1.2.3 Bayesian probability
So far in this chapter, we have looked at probability in terms of the frequency of random, repeatable events. We’re going to call it the classical or frequent interpretation of probability. We now turn to a more general Bayesian view, in which probability provides a quantification of uncertainty.
Consider an uncertain event, such as whether the moon ever orbited the sun in its own orbit or whether the Arctic ice cap would disappear by the end of the century. These things cannot be repeated many times to define probabilities of probabilities as we did earlier in the context of the fruit box. However, we usually have some idea of, for example, how fast we think polar ice is melting. If we now get new evidence, such as new forms of diagnostic information gathered from a new Earth observation satellite, we might revise our view of the rate of ice loss. Our assessment of these issues will influence the actions we take, such as the extent to which we work to reduce greenhouse gas emissions. In such cases, we want to be able to quantify our expression of uncertainty, accurately correct the uncertainty in light of new evidence, and then be able to take the best action or decision. All of this can be achieved through elegant and very general probabilistic Bayesian interpretation.
However, expressing uncertainty in terms of probability is not a particular choice, but inevitable if we respect common sense in making rationally coherent inferences. For example, Cox (1946) shows that if confidence is expressed numerically, then a simple set of axioms encoding the common sense properties of these beliefs will uniquely result in a set of rules for operating confidence that are equivalent to rules for the sum and product of probabilities. This provides the first serious evidence that probability theory can be regarded as an extension of Boolean logic in cases involving uncertainty. Many other authors have proposed different sets of attributes or kilometers that these uncertainty measures should satisfy. In each case, the resulting quantitative values conform precisely to the rules of probability. It is therefore natural to refer to these quantities as (Bayesian) probabilities.
In the field of pattern recognition, it would also be helpful to have a more general definition of probability. Consider the example of polynomial curve fitting discussed in Section 1.1. It seems reasonable to apply the probability concept of frequency theory to the random value of the observed variable TNT_nTN. However, we wish to resolve and quantify the uncertainty surrounding the appropriate choice of the model parameter WWW. We will see that, from a Bayesian perspective, we can use probabilistic mechanisms to describe uncertainties in model parameters, such as WWW or the choice of the model itself.
Bayes’ theorem now has a new meaning. Recall that in the example of the fruit box, the observation of the fruit’s identity provided relevant information that changed the likelihood that the selected box was a red box. In this example, Bayes’ theorem is used to convert prior probabilities into posterior probabilities by combining evidence provided by observational data. As we will see in more detail later, we can use approximations when inferring numbers such as parameter WWW in the polynomial curve fitting example. Before looking at the data, we can capture our hypothesis about WWW in the form of a prior probability distribution p(w)p(w)p(w). Effect of observed data D={T1,… ,tN}D=\{t_1,… ,t_N\}D={t1,… , tN} by conditional probability p (D) ∣ w p (D | w) p (D) ∣ w said, we will see in the first section 1.2.5 behind if explicitly expressed. Bayes’ theorem, in the form of
Then we allow us in the future inspection probability p (w) ∣ D p (w) | D p (w) ∣ D in the form of observation after DDD, evaluate the uncertainty in the WWW.
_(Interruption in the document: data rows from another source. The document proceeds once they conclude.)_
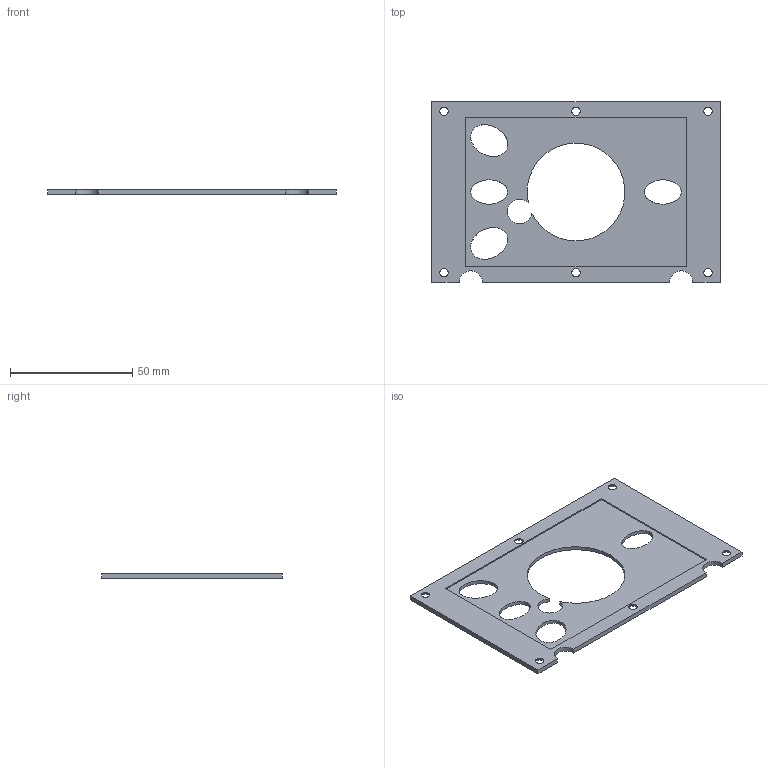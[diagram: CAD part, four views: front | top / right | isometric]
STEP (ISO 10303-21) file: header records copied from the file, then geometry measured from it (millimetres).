
FILE_DESCRIPTION(/* description */ (''),/* implementation_level */ '2;1');
FILE_NAME(/* name */ 'E:\我的坚果云\Work\系统方案\金属加工订单\40K窗口掩膜板20220929\40Kmask_3.stp',/* time_stamp */ '2022-09-29T10:14:09+08:00',/* author */ ('huayi'),/* organization */ (''),/* preprocessor_version */ 'ST-DEVELOPER v19',/* originating_system */ 'Autodesk Inventor 2023',/* authorisation */ '');
FILE_SCHEMA (('AUTOMOTIVE_DESIGN { 1 0 10303 214 3 1 1 }'));
Length unit declared in the file: millimetre
Products named in the file (1): 40Kmask_3
Bounding box: 118 x 74 x 2 mm (x, y, z)
Volume: 11555.8 mm3; surface area: 14974.7 mm2
Topology: 1 solids, 1 shells, 33 faces, 90 edges, 64 vertices
Faces by surface type: plane 13, cylinder 10, cone 6, bspline 4
Full cylindrical faces by diameter (mm): 3.4 x6
Entity records: 1188 total; most frequent: CARTESIAN_POINT 250, DIRECTION 182, ORIENTED_EDGE 168, EDGE_CURVE 84, AXIS2_PLACEMENT_3D 66, EDGE_LOOP 56, VERTEX_POINT 54, LINE 50

Bayes’ theorem on the right side of the number of p (D) ∣ w p (D | w) p (D ∣ w) is calculated according to observation data set DDD, can be regarded as parameter vector function of the WWW, in this case is called the likelihood function. It represents the possibility of observing a dataset with different Settings of the parameter vector WWW. Note that likelihood is not a probability distribution on the WWW and its integral with respect to the WWW is (not necessarily) equal to 1.
Given the definition of this possibility, we can put Bayes’ theorem in words
Where, all of these quantities are treated as functions of WWW. The denominator in (1.43) is the normalization constant, which ensures that the posterior distribution on the left is a valid probability density and the integral is one. In fact, the integral (1.43) with respect to both sides of the WWW, we can use the prior distribution and likelihood function to represent the denominator in Bayes’ theorem
In the bayesian model and frequency model, likelihood function p (D) ∣ w p (D | w) p (D ∣ w) plays a central role. However, the way it is used is fundamentally different between the two approaches. In frequency Settings, WWW is considered to be a fixed parameter whose value is determined by some form of “estimate” whose error bar is derived by considering the distribution of DDD in the possible data set. In contrast, from a Bayesian point of view, there is only one dataset DDD (that is, the actual observed dataset), and the uncertainty in the parameters is represented by a probability distribution on the WWW.